Ein Tag vom nächsten Wochenende wäre möglich, ich bin mir nur noch nicht sicher welcher. Ansonsten hätte ich auch nichts gegen unter der Woche einzuwenden (mit entsprechender Beleuchtung).


----------



## hectorlorenzo (25. Januar 2022)

Ich würde mich auch anschließen. Gebt gerne Bescheid, wenn ihr wieder ne Runde dreht


----------



## moritz_h (25. Januar 2022)

Hallo Hector und Rest,
wir wollten uns morgen um 18:00 Uhr wieder am Brunnen vor dem Schlossplatz treffen.
Wenn ihr nichts gegen Radeln im Dunkeln habt, kommt vorbei.
Sonst finden wir bestimmt auch einen Termin an einem der Wochenenden.


----------



## hectorlorenzo (26. Januar 2022)

Mist da habe ich euch wohl verpasst


----------



## Le_Germain (10. März 2022)

Hallo Zusammen,
komme am Wochenende nach Karlsruhe und habe mein Gravelbike dabei.
Gibt es bestimmte Schotterstrecken die man bei euch mal gefahren haben sollte?
Danke im Voraus


----------



## moritz_h (10. März 2022)

Servus,

wie lang darf die Tour den werden und wie viele Höhenmetern darf sie haben?


----------



## MTB-News.de




----------



## Le_Germain (23. März 2022)

eben erst gesehen, dass ich meine Antwort nie abgeschickt hatte.
I.d.R. bin ich zwischen 50-150km unterwegs und die Höhenmeter sind egal solange die Strecke gut ist.
Da ich immer wieder nach KA fhre besteht weiterhin Interesse an guten Gravel-Segmenten


----------



## Pead (26. März 2022)

Le_Germain schrieb:


> eben erst gesehen, dass ich meine Antwort nie abgeschickt hatte.
> I.d.R. bin ich zwischen 50-150km unterwegs und die Höhenmeter sind egal solange die Strecke gut ist.
> Da ich immer wieder nach KA fhre besteht weiterhin Interesse an guten Gravel-Segmenten


Nördlich vom Schloss gibt es zahlreiche Segmente, die ziemlich gut zu befahren sind. Da würde ich einfach vorschlagen auf bikerouter.de das Gravel-Overlay sowie eines der Gravel-Profile zu aktivieren und etwas zusammen zu stellen. Enttäuscht wurden wir eigentlich nie. Der Hardtwald ist abwechslungsreich und auch in Richtung Rhein bzw. MiRo ist es landschaftlich schön.
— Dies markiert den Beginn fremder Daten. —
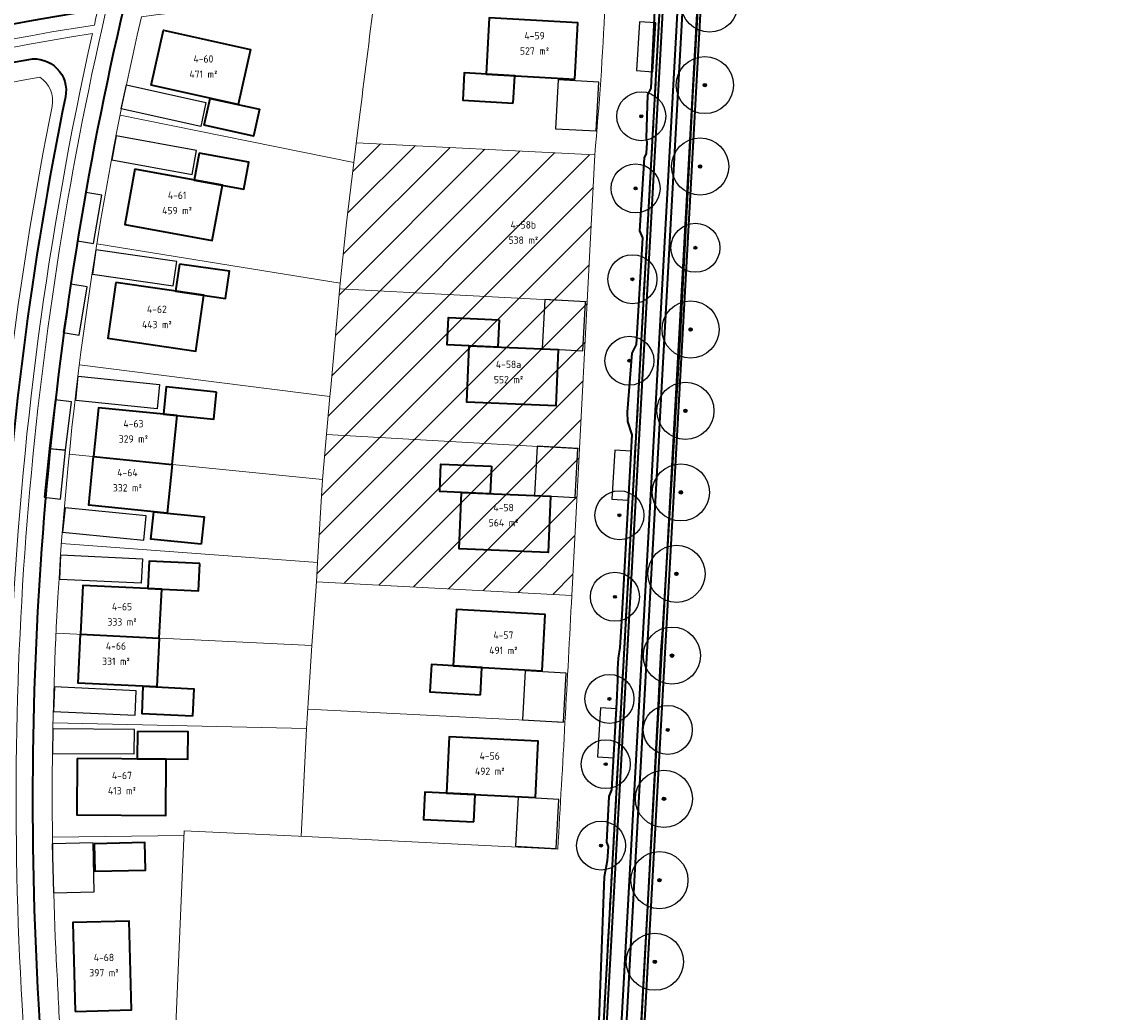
# Model space of a CAD drawing. Extents: x 168179 to 170299, y 448694 to 449599.
# Tile 20 of 32: x 168607 to 168741, y 449187 to 449308. Entities that reach past the tile are written whole.
import ezdxf
from ezdxf.enums import TextEntityAlignment as Align

# ---------------------------------------------------------------- set-up
doc = ezdxf.new("R2010")
doc.units = 0
doc.linetypes.add('NLCS-HIDDEN', pattern=[4, 2, -2])
doc.layers.get('0').update_dxf_attribs({"lineweight": 0})
for name, color, linetype, lineweight in [('N-WE-KG-GRENS_SECTIE-G', 210, 'NLCS-HIDDEN', 35), ('N-WE-VH-VERHARDING-G', 252, 'Continuous', 35), ('N-WE-VH-VERHARDING_ASFALT-O', 252, 'Continuous', 18), ('N-WE-VH-VERHARDING_ASFALT_ROOD-G', 10, 'Continuous', 35), ('N-WE-VH-VERHARDING_ASFALT_ROOD-O', 10, 'Continuous', 18), ('N04-WE-VH-GOOT-O', 170, 'Continuous', 18), ('N04-WE-VH-KANTOPSLUITING_ACHTERKANTBAND-G', 50, 'Continuous', 35), ('N4-WE-OG-KADASTRAAL_KAVELNUMMER-T18', 7, 'Continuous', 18), ('N4-WE-OG-WEG_PARKEERPLAATS_OPENBAAR-G', 253, 'Continuous', 25), ('N4-WE-OG-WEG_PARKEERPLAATS_PRIVE-G', 253, 'Continuous', 25), ('N8-WE-OG-KADASTRAAL_KAVELNUMMER-T18', 7, 'Continuous', 18), ('N8-WE-OG-KADASTRAAL_KAVELOPPERVLAK-T18', 10, 'Continuous', 18), ('N8-WE-WH-WATERLIJN-G', 150, 'Continuous', 35), ('R-WE-VH-KANTVERHARDING-G', 210, 'Continuous', 35), ('X-XX-AL-CONSTRUCTIELIJN-G', 253, 'Continuous', 18)]:
    doc.layers.add(name, color=color, linetype=linetype, lineweight=lineweight)
for name, color, linetype, lineweight, true_color in [('N04-WE-KG-KADASTRAAL-O', 150, 'Continuous', 18, 0x007fff), ('N4-PV-GR-BOOM-S', 3, 'Continuous', 25, 0x00ff00), ('N4-WE-KG-GRENS_KADASTRAAL-G', 150, 'Continuous', 18, 0x007fff), ('N4-WE-KG-KADASTRAAL_BEBOUWING-G', 1, 'Continuous', 35, 0xff0000)]:
    doc.layers.add(name, color=color, linetype=linetype, lineweight=lineweight, true_color=true_color)
doc.styles.add('NLCS-ISO-M1000-T18', font='NLCS-ISO.ttf', dxfattribs={"height": 1.8})

# ---------------------------------------------------------------- blocks, each defined once
blk = doc.blocks.new('an-bb-sn-opp')
at = {"layer": 'N8-WE-OG-KADASTRAAL_KAVELNUMMER-T18', "style": 'NLCS-ISO-M1000-T18'}
blk.add_attdef('NUMMER', text='', height=1.8, dxfattribs=at).set_placement((0, 1.87), align=Align.MIDDLE)
at = {"layer": 'N8-WE-OG-KADASTRAAL_KAVELOPPERVLAK-T18', "style": 'NLCS-ISO-M1000-T18'}
blk.add_attdef('OPPERVLAK', text='', height=1.8, dxfattribs=at).set_placement((0, -1.87), align=Align.MIDDLE)
blk = doc.blocks.new('SGR-BOOM_01')
at = {"ltscale": 0.1}
h = blk.add_hatch(color=256, dxfattribs=at)
edge = h.paths.add_edge_path()
edge.add_arc((0, 0), 0.15, 0, 360)
for radius in [2.5, 0.045]:
    blk.add_circle((0, 0), radius)
blk.add_circle((0, 0), 0.15, dxfattribs=at)

msp = doc.modelspace()

# ---------------------------------------------------------------- hatches: boundary and pattern name
at = {"layer": 'X-XX-AL-CONSTRUCTIELIJN-G'}
h = msp.add_hatch(dxfattribs=at)
h.set_pattern_fill('ANSI31', color=256)
h.paths.add_polyline_path([(168648.46, 449293.53), (168648.16, 449291.12), (168647.24, 449283.72), (168646.48, 449276.3), (168646.41, 449275.62), (168645.31, 449263.52), (168645.2, 449262.42), (168644.79, 449257.75), (168644.29, 449252.27), (168643.7, 449242.09), (168643.56, 449239.72), (168674.85, 449238.06), (168675.79, 449256.03), (168676.72, 449274.01), (168677.66, 449292.02)])

# ---------------------------------------------------------------- linework, layer by layer
at = {"layer": 'N-WE-KG-GRENS_SECTIE-G', "flags": 128}
msp.add_lwpolyline([(168686.78, 449331.13, 0.120793), (168556.03, 449319.67, -0.095354), (168452.55, 449305.33, 0.029125), (168445.08, 449274.71, 0.01497), (168442.64, 449258.69, 0.087848), (168535.02, 449285.65, -0.141513), (168685.76, 449312.78)], format="xyb", close=True, dxfattribs=at)
at = {"layer": 'N-WE-KG-GRENS_SECTIE-G'}
msp.add_lwpolyline([(168685.76, 449312.78), (168669.55, 449019.54, -0.099335), (168562.46, 449036.57, 0.071724), (168485.34, 449053.2, -0.015524), (168492.35, 449025.86), (168485.08, 449024.24, 0.012724), (168479.7, 449045.74, 0.030357), (168454.27, 449119.72, -0.061192), (168436.21, 449185.1), (168437.15, 449185.24), (168435.21, 449201.7), (168434.26, 449201.62, -0.067274), (168437.75, 449276.05), (168445.08, 449274.71, 0.01497), (168442.64, 449258.69, 0.087848), (168535.02, 449285.65, -0.141513)], format="xyb", close=True, dxfattribs=at)
at = {"layer": 'N-WE-VH-VERHARDING-G', "flags": 128}
for points in [[(168704.35, 449558.25), (168673.22, 448995.39, 0.135498), (168698.38, 448879.67), (168712.25, 448853.26, -0.052646), (168732.61, 448802.03, -0.060721), (168740.57, 448750), (168740.84, 448741.19)], [(168704.35, 449558.25), (168673.22, 448995.39, 0.135498), (168698.38, 448879.67), (168712.25, 448853.26, -0.052646), (168732.61, 448802.03, -0.060721), (168740.57, 448750), (168740.84, 448741.19)], [(168696.04, 449498.63), (168668.23, 448995.66, 0.135498), (168693.96, 448877.35), (168707.82, 448850.93, -0.052646), (168727.8, 448800.68, -0.060721), (168735.57, 448749.85), (168735.84, 448741.03)], [(168696.04, 449498.63), (168668.23, 448995.66, 0.135498), (168693.96, 448877.35), (168707.82, 448850.93, -0.052646), (168727.8, 448800.68, -0.060721), (168735.57, 448749.85), (168735.84, 448741.03)]]:
    msp.add_lwpolyline(points, format="xyb", dxfattribs=at)
at = {"layer": 'N-WE-VH-VERHARDING_ASFALT-O'}
for points in [[(168702.15, 449558.37), (168701.55, 449558.41), (168670.42, 448995.54, 0.135498), (168695.9, 448878.37), (168709.77, 448851.95, -0.052646), (168729.91, 448801.27, -0.060721), (168737.77, 448749.91), (168738.04, 448741.1), (168738.64, 448741.12), (168738.37, 448749.93, 0.060721), (168730.49, 448801.43, 0.052646), (168710.3, 448852.23), (168696.43, 448878.65, -0.135498), (168671.02, 448995.51)], [(168704.35, 449558.25), (168703.95, 449558.28), (168672.82, 448995.41, 0.135498), (168698.03, 448879.49), (168711.9, 448853.07, -0.052646), (168732.23, 448801.92, -0.060721), (168740.17, 448749.99), (168740.44, 448741.17), (168740.84, 448741.19), (168740.57, 448750, 0.060721), (168732.61, 448802.03, 0.052646), (168712.25, 448853.26), (168698.38, 448879.67, -0.135498), (168673.22, 448995.39)], [(168696.44, 449498.65, 0.000368), (168696.04, 449498.63), (168668.23, 448995.66, 0.135498), (168693.96, 448877.35), (168707.82, 448850.93, -0.052646), (168727.8, 448800.68, -0.060721), (168735.57, 448749.85), (168735.84, 448741.03), (168736.24, 448741.05), (168735.97, 448749.86, 0.060721), (168728.18, 448800.79, 0.052646), (168708.18, 448851.12), (168694.31, 448877.53, -0.135498), (168668.63, 448995.64)]]:
    msp.add_lwpolyline(points, format="xyb", close=True, dxfattribs=at)
at = {"layer": 'N-WE-VH-VERHARDING_ASFALT_ROOD-G'}
for points in [[(168701.55, 449558.41), (168670.42, 448995.54, 0.135498), (168695.9, 448878.37), (168709.77, 448851.95, -0.052646), (168729.91, 448801.27, -0.060721), (168737.77, 448749.91), (168738.04, 448741.1)], [(168702.15, 449558.37), (168671.02, 448995.51, 0.135498), (168696.43, 448878.65), (168710.3, 448852.23, -0.052646), (168730.49, 448801.43, -0.060721), (168738.37, 448749.93), (168738.64, 448741.12)], [(168703.95, 449558.28), (168672.82, 448995.41, 0.135498), (168698.03, 448879.49), (168711.9, 448853.07, -0.052646), (168732.23, 448801.92, -0.060721), (168740.17, 448749.99), (168740.44, 448741.17)], [(168696.44, 449498.65), (168668.63, 448995.64, 0.135498), (168694.31, 448877.53), (168708.18, 448851.12, -0.052646), (168728.18, 448800.79, -0.060721), (168735.97, 448749.86), (168736.24, 448741.05)]]:
    msp.add_lwpolyline(points, format="xyb", dxfattribs=at)
at = {"layer": 'N-WE-VH-VERHARDING_ASFALT_ROOD-G', "flags": 128}
msp.add_lwpolyline([(168179.09, 449328.77), (168283.58, 449324.29, -0.02075), (168362.26, 449317.5, -0.028118), (168425.5, 449305.4), (168442.32, 449300.92), (168444.72, 449300.28, -0.251205), (168625.76, 449489.19), (168621.81, 449509.18, 0.015854), (168619.41, 449519.93), (168622.9, 449520.81, -0.006697), (168625.43, 449509.97), (168629.31, 449490.31, -0.062019), (168696.65, 449502.37), (168696.44, 449498.65, 0.516768), (168458.94, 449121.65, -0.030357), (168484.57, 449047.09, -0.090321), (168498.8, 448889.84)], format="xyb", dxfattribs=at)
at = {"layer": 'N-WE-VH-VERHARDING_ASFALT_ROOD-O'}
for points in [[(168701.55, 449558.41), (168699.75, 449558.51), (168696.65, 449502.37), (168696.44, 449498.65), (168668.63, 448995.64, 0.135498), (168694.31, 448877.53), (168708.18, 448851.12, -0.052646), (168728.18, 448800.79, -0.060721), (168735.97, 448749.86), (168736.24, 448741.05), (168738.04, 448741.1), (168737.77, 448749.91, 0.060721), (168729.91, 448801.27, 0.052646), (168709.77, 448851.95), (168695.9, 448878.37, -0.135498), (168670.42, 448995.54)], [(168703.95, 449558.28), (168702.15, 449558.37), (168671.02, 448995.51, 0.135498), (168696.43, 448878.65), (168710.3, 448852.23, -0.052646), (168730.49, 448801.43, -0.060721), (168738.37, 448749.93), (168738.64, 448741.12), (168740.44, 448741.17), (168740.17, 448749.99, 0.060721), (168732.23, 448801.92, 0.052646), (168711.9, 448853.07), (168698.03, 448879.49, -0.135498), (168672.82, 448995.41)]]:
    msp.add_lwpolyline(points, format="xyb", close=True, dxfattribs=at)
at = {"layer": 'N04-WE-KG-KADASTRAAL-O'}
msp.add_line((168675.79, 449256.03), (168644.79, 449257.75), dxfattribs=at)
msp.add_lwpolyline([(168677.66, 449292.02, 0.012535), (168678.91, 449310.39, 0.052161), (168622.12, 449308.96, 0.04373), (168611.75, 449235.5, 0.02587), (168611.75, 449192.07, -0.005353), (168612.17, 449183.04), (168626.19, 449181.55), (168626.67, 449193.08), (168627.36, 449209.22), (168642.23, 449208.49), (168673.14, 449206.97, 0.001728), (168674.85, 449238.06), (168677.66, 449292.04)], format="xyb", dxfattribs=at)
at = {"layer": 'N04-WE-KG-KADASTRAAL-O', "flags": 128}
msp.add_lwpolyline([(168611.16, 449297.97, 0.30292), (168609.68, 449301.56, 0.070136), (168538.75, 449278.12, -0.00964), (168528.82, 449273.45, 0.176962), (168528.66, 449270.78, -0.034093), (168539.36, 449223.64, 0.102562), (168539.92, 449222.16, -0.046209), (168603.47, 449237.85, -0.035011)], format="xyb", close=True, dxfattribs=at)
at = {"layer": 'N04-WE-VH-GOOT-O'}
for points in [[(168536.44, 449282.78, -0.077233), (168616.35, 449307.94, -0.003248), (168617.62, 449313.39)], [(168618.68, 449313.54, 0.07387), (168607.5, 449187.86, -0.00967), (168607.96, 449176.25, -0.091364), (168583.63, 449027.58)]]:
    msp.add_lwpolyline(points, format="xyb", dxfattribs=at)
at = {"layer": 'N04-WE-VH-GOOT-O', "flags": 128}
msp.add_lwpolyline([(168523.75, 449275.81, 0.012916), (168536.88, 449281.89, -0.076872), (168616.11, 449306.9, 0.044106), (168606.17, 449231.78, 0.050964), (168537.45, 449214.49, 0.044741)], format="xyb", close=True, dxfattribs=at)
at = {"layer": 'N04-WE-VH-KANTOPSLUITING_ACHTERKANTBAND-G', "flags": 128}
for points in [[(168522.44, 449279.82, 0.012564), (168535.02, 449285.65, -0.078387), (168617.12, 449311.3)], [(168617.85, 449310.01, -0.001972), (168619.99, 449310.31, 0.072203), (168609.51, 449187.98, -0.00967), (168609.98, 449176.29, -0.088864), (168586.91, 449030.81, -0.00185), (168584.96, 449031.34)], [(168522.88, 449278.5, 0.012675), (168535.63, 449284.41, -0.07789), (168616.79, 449309.85)]]:
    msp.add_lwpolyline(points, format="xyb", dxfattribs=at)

Ansonsten kann ich noch die Runde zum Bernsteinfels empfehlen. Da bist du sehr viel auf Schotter unterwegs, fährst viel an der Alb entlang und hast bei gutem Wetter auch einen Blick auf die andere Rheinseite.

Was ich derzeit nicht empfehlen kann, ist der Rheinradweg südlich von Karlsruhe. Eigentlich ist der ganz nett, aber momentan wird da viel umgegraben und ich habe auch das Gefühl, dass die Qualität im Vergleich zum Rest der Umgebung doch eher unteres Mittelfeld ist.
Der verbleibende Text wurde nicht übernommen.